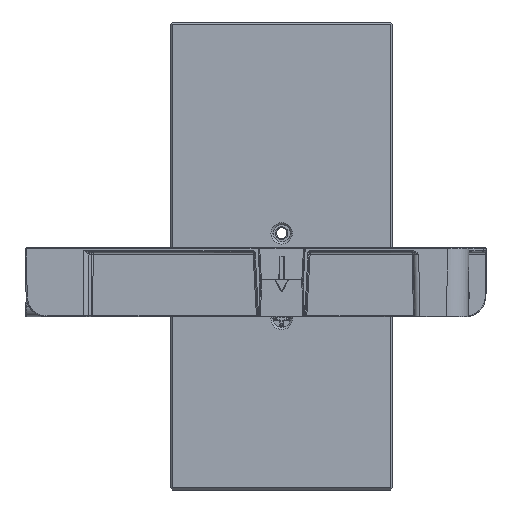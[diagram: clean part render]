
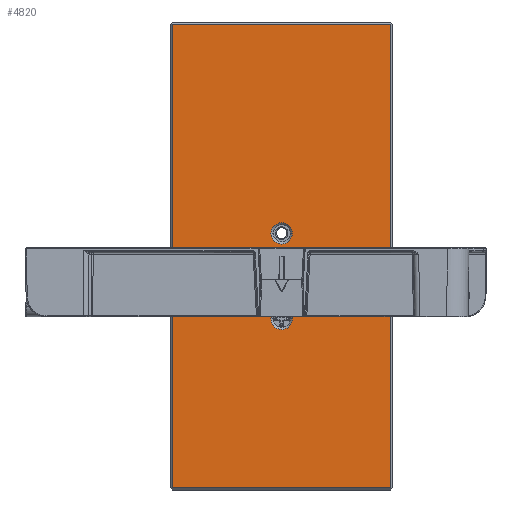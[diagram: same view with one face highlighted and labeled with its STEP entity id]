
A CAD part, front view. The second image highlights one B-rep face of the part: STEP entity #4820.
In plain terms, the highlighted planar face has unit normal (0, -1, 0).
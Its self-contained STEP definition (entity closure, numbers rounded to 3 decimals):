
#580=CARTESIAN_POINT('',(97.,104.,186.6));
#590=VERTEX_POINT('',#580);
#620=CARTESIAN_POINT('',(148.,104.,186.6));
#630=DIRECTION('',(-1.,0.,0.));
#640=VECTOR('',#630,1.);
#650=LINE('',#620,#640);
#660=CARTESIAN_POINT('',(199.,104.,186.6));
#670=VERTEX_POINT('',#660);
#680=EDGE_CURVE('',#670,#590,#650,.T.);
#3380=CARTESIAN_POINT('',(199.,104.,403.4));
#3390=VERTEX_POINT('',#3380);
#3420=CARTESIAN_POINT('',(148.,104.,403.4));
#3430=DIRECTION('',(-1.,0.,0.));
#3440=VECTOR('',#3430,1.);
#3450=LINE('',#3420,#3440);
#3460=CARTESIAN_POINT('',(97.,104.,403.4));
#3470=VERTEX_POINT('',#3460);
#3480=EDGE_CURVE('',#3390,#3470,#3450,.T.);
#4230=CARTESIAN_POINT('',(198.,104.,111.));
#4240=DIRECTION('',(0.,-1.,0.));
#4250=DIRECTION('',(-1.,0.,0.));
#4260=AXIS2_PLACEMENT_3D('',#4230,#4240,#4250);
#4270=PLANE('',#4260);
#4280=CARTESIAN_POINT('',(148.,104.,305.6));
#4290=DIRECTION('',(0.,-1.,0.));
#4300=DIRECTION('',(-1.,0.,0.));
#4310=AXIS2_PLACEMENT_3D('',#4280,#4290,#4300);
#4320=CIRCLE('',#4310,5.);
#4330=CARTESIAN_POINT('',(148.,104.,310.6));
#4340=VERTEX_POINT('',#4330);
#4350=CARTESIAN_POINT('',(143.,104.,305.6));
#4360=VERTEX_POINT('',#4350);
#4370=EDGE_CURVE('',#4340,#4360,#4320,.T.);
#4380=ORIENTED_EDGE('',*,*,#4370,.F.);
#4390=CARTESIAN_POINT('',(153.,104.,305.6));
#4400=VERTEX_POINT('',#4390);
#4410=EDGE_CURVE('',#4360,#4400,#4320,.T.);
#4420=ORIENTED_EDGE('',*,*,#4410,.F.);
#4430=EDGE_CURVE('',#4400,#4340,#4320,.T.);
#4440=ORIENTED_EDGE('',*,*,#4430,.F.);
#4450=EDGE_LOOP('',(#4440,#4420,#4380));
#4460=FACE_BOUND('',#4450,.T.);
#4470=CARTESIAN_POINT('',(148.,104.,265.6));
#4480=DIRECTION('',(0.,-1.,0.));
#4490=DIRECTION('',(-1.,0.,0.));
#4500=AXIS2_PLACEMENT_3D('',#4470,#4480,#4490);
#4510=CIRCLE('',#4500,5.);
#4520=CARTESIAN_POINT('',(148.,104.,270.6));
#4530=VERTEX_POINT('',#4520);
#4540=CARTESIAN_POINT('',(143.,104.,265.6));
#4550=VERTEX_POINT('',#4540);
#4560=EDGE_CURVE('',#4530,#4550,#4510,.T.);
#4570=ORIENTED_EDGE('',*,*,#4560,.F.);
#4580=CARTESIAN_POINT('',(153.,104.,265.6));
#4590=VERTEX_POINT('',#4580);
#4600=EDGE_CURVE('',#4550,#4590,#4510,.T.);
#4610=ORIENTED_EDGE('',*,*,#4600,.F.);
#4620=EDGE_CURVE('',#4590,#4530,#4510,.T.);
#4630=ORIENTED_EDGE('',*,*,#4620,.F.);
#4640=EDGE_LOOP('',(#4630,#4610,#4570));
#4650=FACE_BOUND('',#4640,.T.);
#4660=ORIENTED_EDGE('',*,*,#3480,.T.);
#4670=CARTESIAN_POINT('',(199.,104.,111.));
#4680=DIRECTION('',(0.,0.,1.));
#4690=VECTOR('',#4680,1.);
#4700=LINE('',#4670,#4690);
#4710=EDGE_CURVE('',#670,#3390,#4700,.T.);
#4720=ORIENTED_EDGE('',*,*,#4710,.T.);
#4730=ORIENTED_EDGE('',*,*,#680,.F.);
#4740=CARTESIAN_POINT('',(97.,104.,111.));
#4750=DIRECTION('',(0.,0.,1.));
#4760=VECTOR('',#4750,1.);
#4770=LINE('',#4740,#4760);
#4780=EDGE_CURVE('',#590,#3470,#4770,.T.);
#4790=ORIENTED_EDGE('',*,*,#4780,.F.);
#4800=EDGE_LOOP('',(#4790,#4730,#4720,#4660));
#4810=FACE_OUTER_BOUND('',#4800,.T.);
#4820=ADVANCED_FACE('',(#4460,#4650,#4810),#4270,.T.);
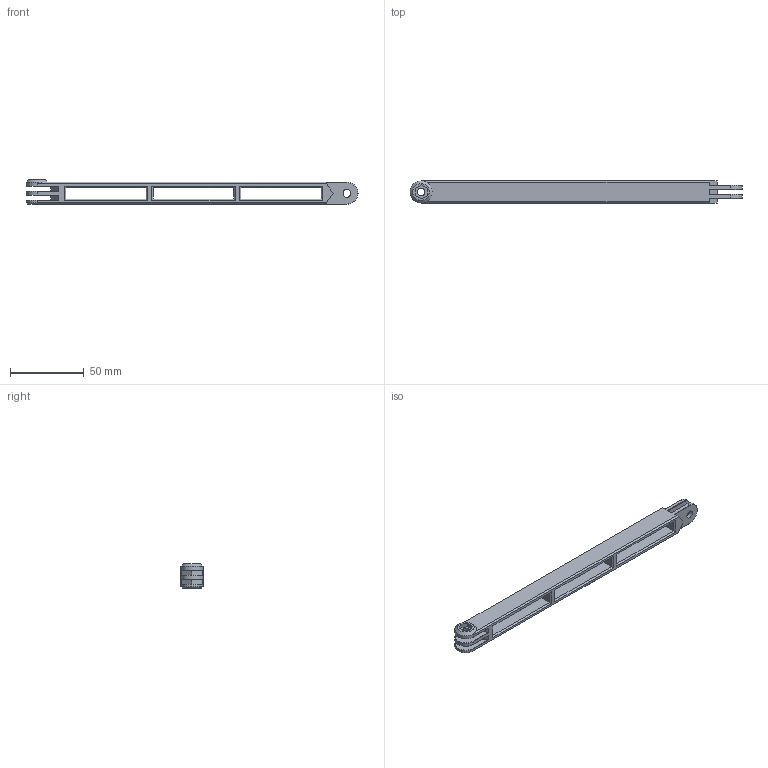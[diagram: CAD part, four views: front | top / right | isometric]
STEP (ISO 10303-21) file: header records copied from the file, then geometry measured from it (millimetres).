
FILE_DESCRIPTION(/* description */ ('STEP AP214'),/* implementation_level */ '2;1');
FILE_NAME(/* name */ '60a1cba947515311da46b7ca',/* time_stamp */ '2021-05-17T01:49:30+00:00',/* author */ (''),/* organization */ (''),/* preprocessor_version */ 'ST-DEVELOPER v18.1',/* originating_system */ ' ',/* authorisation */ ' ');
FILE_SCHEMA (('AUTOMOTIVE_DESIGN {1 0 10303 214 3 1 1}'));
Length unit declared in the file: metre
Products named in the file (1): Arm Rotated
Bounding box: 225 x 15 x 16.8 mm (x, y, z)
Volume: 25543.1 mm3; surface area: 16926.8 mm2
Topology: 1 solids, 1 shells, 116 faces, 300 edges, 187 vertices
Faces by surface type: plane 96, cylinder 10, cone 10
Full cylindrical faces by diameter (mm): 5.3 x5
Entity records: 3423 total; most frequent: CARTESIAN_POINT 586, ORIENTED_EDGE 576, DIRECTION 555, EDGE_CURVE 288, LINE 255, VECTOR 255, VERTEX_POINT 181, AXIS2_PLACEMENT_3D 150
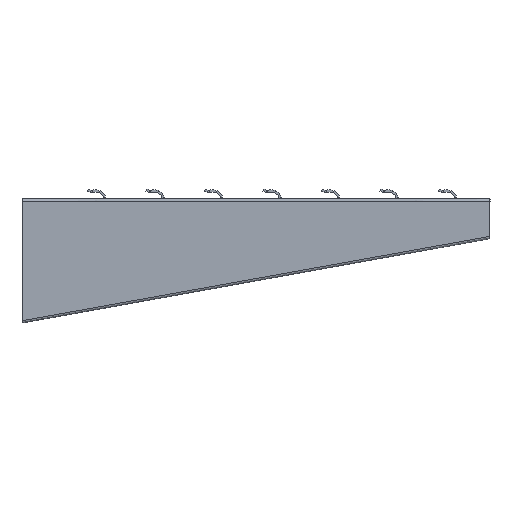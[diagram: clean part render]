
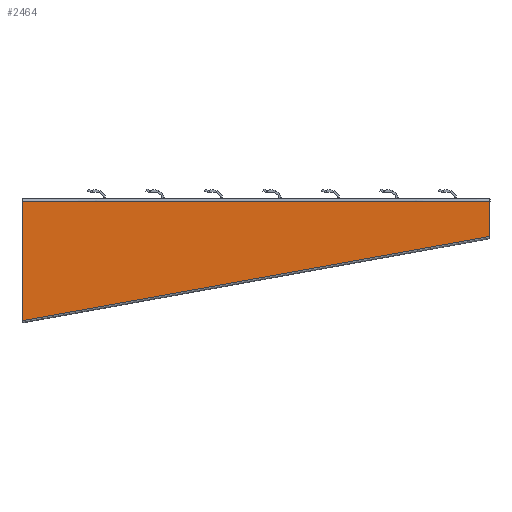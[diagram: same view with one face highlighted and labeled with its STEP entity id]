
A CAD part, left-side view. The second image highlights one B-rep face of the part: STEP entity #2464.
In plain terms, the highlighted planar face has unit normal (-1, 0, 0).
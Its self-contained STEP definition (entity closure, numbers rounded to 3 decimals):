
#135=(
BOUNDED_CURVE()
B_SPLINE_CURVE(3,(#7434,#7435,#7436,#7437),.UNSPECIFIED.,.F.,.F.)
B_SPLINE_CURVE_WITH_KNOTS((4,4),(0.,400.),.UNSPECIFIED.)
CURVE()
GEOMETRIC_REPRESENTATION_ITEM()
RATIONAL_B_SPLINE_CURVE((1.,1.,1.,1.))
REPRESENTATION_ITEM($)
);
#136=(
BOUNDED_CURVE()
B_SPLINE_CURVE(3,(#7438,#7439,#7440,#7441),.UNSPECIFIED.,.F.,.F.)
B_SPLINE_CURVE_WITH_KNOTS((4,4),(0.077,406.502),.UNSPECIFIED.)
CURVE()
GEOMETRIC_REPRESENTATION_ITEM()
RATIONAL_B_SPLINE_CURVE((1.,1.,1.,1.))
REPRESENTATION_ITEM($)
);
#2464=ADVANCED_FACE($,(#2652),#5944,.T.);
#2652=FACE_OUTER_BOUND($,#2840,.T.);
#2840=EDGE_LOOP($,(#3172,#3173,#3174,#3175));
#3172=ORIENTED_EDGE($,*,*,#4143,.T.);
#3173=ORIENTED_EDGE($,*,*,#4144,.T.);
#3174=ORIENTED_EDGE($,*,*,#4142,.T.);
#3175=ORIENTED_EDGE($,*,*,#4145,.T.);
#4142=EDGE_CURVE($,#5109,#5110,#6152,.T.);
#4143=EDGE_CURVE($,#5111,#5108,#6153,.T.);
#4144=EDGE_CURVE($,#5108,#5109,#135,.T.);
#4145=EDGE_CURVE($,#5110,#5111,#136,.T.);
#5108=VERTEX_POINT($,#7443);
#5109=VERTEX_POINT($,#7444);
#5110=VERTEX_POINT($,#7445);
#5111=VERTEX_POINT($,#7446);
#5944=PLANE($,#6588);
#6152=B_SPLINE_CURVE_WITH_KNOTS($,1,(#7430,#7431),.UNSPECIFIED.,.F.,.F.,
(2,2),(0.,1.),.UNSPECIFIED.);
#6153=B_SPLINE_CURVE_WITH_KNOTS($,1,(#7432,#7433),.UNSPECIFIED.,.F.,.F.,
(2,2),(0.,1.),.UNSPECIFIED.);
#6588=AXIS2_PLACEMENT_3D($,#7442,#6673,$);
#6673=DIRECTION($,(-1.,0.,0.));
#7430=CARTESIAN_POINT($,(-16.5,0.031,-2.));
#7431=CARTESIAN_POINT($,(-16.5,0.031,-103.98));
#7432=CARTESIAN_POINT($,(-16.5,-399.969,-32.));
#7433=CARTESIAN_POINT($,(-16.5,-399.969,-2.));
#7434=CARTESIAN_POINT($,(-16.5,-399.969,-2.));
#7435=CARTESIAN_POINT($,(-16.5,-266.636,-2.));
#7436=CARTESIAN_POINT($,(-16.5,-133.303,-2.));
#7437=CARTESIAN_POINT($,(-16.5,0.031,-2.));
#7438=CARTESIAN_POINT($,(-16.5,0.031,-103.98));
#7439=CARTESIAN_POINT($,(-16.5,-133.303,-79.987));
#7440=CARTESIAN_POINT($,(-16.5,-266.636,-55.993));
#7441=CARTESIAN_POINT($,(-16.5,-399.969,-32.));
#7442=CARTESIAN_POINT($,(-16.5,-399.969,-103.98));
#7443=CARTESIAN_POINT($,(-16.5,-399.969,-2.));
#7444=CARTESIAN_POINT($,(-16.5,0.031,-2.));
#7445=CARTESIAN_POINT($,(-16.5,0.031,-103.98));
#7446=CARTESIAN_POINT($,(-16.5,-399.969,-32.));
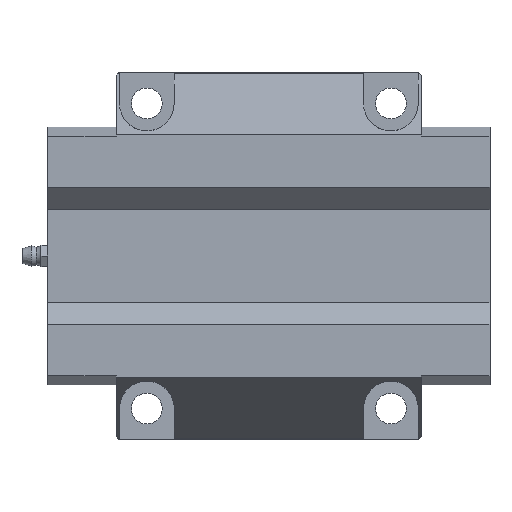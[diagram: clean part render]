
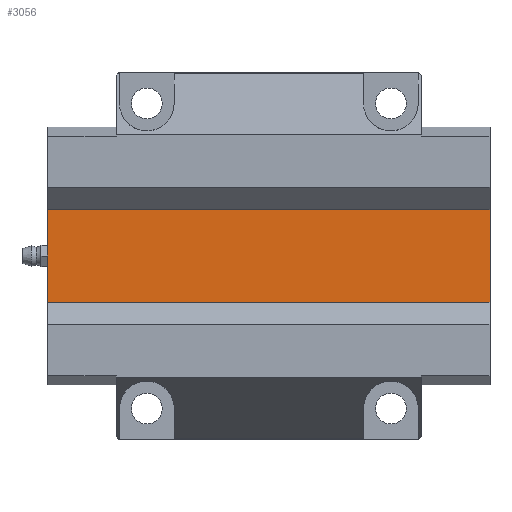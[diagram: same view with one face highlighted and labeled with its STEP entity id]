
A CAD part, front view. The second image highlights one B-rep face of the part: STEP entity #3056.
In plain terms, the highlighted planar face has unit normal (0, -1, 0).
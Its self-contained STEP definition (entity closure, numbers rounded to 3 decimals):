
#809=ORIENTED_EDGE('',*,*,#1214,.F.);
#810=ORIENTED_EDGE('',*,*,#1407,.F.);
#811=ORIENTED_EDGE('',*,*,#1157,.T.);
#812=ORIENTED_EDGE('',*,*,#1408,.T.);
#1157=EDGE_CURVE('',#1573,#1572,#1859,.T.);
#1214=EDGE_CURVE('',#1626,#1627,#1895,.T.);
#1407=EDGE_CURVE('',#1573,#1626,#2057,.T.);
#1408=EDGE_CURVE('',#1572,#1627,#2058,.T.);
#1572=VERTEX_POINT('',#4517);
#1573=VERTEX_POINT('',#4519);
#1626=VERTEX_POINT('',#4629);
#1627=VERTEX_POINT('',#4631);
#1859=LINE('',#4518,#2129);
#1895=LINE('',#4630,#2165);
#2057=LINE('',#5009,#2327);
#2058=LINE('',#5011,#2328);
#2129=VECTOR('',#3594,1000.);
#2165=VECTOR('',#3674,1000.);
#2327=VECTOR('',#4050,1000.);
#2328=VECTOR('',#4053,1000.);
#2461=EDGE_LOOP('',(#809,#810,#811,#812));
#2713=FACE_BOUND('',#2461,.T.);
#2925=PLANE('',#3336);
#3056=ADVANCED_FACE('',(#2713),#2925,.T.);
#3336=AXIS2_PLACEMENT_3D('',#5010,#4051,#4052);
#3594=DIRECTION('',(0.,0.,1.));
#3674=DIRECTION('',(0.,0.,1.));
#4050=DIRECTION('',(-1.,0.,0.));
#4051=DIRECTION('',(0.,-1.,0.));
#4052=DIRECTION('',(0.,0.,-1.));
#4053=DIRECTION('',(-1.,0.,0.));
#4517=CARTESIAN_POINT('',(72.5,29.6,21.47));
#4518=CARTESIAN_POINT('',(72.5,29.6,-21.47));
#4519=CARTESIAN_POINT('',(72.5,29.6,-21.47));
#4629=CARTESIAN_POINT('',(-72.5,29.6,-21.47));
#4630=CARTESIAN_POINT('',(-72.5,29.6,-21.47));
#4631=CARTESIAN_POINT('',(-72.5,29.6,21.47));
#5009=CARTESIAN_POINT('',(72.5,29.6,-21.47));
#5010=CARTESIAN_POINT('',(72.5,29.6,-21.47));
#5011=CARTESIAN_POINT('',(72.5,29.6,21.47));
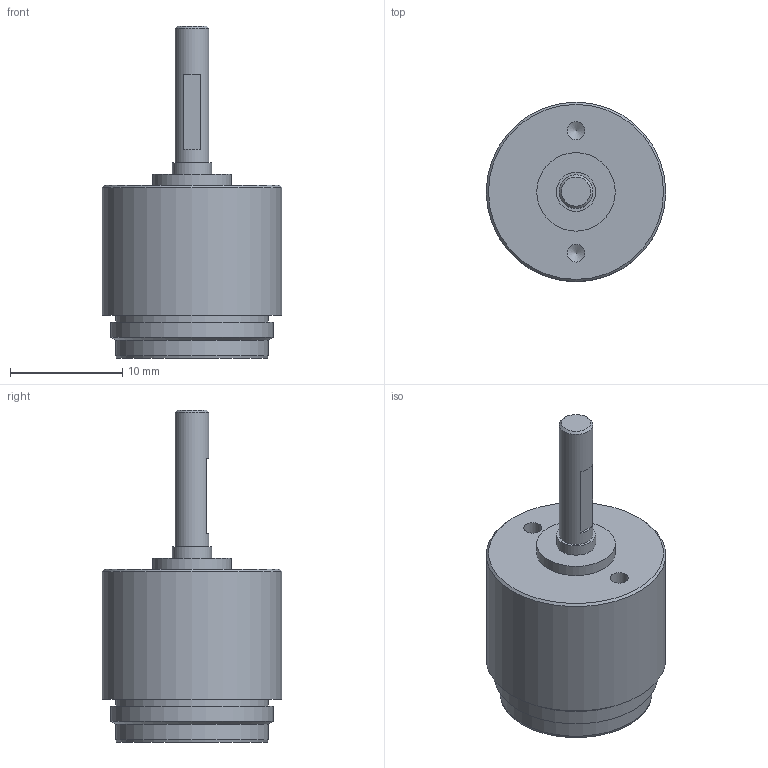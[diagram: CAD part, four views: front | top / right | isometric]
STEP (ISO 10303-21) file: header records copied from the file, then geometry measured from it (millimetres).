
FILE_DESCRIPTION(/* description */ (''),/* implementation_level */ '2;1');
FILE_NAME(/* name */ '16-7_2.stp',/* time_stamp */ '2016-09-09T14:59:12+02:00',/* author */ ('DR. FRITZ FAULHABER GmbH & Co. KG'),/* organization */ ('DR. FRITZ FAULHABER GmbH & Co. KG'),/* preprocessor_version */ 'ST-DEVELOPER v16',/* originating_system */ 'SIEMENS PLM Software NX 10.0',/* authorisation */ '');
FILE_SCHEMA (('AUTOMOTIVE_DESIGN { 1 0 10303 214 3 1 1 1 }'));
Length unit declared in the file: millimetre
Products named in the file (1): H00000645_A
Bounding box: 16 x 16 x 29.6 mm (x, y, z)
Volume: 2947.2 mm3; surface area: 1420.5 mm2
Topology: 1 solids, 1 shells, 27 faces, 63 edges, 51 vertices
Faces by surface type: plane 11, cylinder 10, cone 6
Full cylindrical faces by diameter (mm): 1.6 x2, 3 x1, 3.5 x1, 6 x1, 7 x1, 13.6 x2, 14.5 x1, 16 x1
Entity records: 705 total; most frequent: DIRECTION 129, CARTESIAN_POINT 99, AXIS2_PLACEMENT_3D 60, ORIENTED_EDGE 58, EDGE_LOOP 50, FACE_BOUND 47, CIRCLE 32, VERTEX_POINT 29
____
Go through the records and count the lines that include "description", then give only that number.

▶ Answer box: 2